■ Listed records
=======
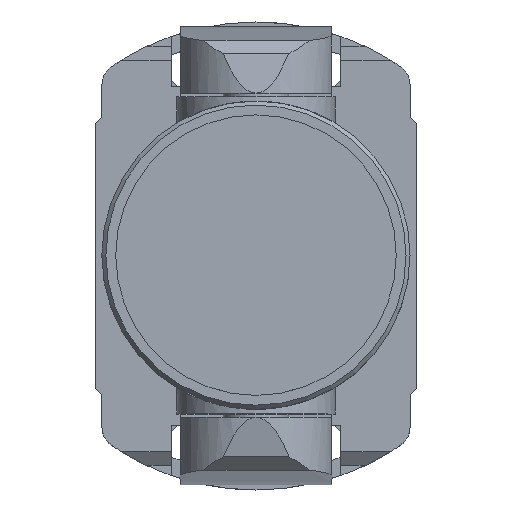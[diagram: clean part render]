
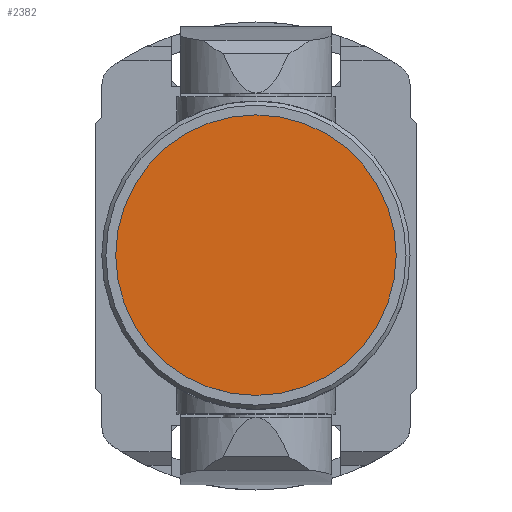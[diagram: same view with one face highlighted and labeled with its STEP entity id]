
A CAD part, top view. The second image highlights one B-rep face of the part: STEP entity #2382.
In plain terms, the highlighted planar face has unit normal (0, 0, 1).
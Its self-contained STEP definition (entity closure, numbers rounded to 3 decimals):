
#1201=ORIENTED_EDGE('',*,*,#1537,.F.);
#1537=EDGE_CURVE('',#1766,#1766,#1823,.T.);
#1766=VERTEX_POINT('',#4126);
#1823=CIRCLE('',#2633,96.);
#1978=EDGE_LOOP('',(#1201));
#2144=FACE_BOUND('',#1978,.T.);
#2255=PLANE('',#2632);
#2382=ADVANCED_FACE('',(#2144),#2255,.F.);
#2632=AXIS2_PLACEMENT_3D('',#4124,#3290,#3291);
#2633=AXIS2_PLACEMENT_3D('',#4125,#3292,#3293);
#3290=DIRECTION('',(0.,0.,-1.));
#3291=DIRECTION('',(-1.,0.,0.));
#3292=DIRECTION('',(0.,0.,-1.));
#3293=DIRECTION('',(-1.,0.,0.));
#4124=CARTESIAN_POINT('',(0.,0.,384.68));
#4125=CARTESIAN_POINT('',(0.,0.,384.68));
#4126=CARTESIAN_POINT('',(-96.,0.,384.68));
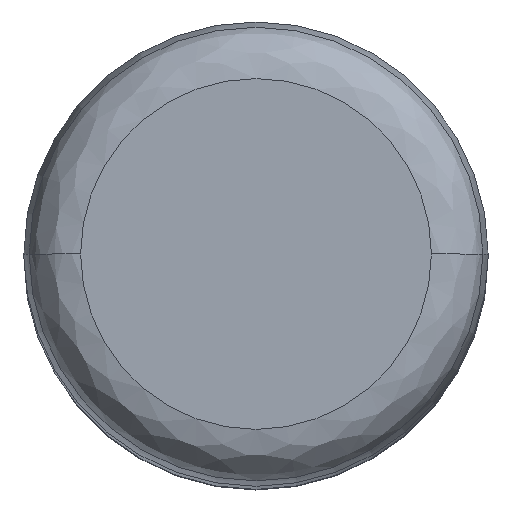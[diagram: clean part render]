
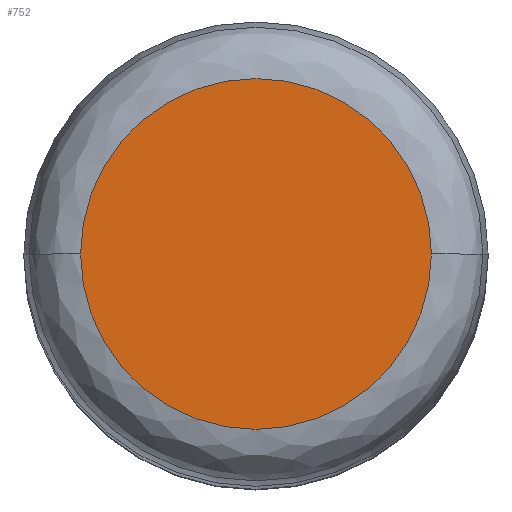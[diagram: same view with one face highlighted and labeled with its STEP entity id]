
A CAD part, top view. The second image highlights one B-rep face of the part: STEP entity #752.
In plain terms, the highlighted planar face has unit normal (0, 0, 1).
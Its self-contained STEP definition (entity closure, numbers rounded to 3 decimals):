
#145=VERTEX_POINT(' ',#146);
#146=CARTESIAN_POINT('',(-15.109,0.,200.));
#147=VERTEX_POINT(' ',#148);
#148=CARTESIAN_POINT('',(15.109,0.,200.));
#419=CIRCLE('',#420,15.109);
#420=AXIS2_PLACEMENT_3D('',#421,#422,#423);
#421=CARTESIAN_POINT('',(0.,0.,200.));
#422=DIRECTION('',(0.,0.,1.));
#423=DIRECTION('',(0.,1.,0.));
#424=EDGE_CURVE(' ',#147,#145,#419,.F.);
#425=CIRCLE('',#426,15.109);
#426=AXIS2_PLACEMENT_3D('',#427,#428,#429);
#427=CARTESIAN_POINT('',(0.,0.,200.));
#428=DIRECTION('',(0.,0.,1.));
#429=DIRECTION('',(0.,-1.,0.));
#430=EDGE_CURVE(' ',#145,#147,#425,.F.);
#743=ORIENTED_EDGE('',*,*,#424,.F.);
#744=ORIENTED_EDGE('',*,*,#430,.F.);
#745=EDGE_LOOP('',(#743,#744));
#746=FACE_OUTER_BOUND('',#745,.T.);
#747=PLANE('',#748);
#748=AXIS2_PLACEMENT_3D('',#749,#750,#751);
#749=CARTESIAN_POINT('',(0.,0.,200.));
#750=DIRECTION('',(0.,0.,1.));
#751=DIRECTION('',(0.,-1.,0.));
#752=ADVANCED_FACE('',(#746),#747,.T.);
=======
■ Task item
Lines from the one containing "#749=CARTESIAN_POINT('',(0.,0.,200.));" through the final line of the entries above are to be output exactly; omit all others.

■ Final answer
#749=CARTESIAN_POINT('',(0.,0.,200.));
#750=DIRECTION('',(0.,0.,1.));
#751=DIRECTION('',(0.,-1.,0.));
#752=ADVANCED_FACE('',(#746),#747,.T.);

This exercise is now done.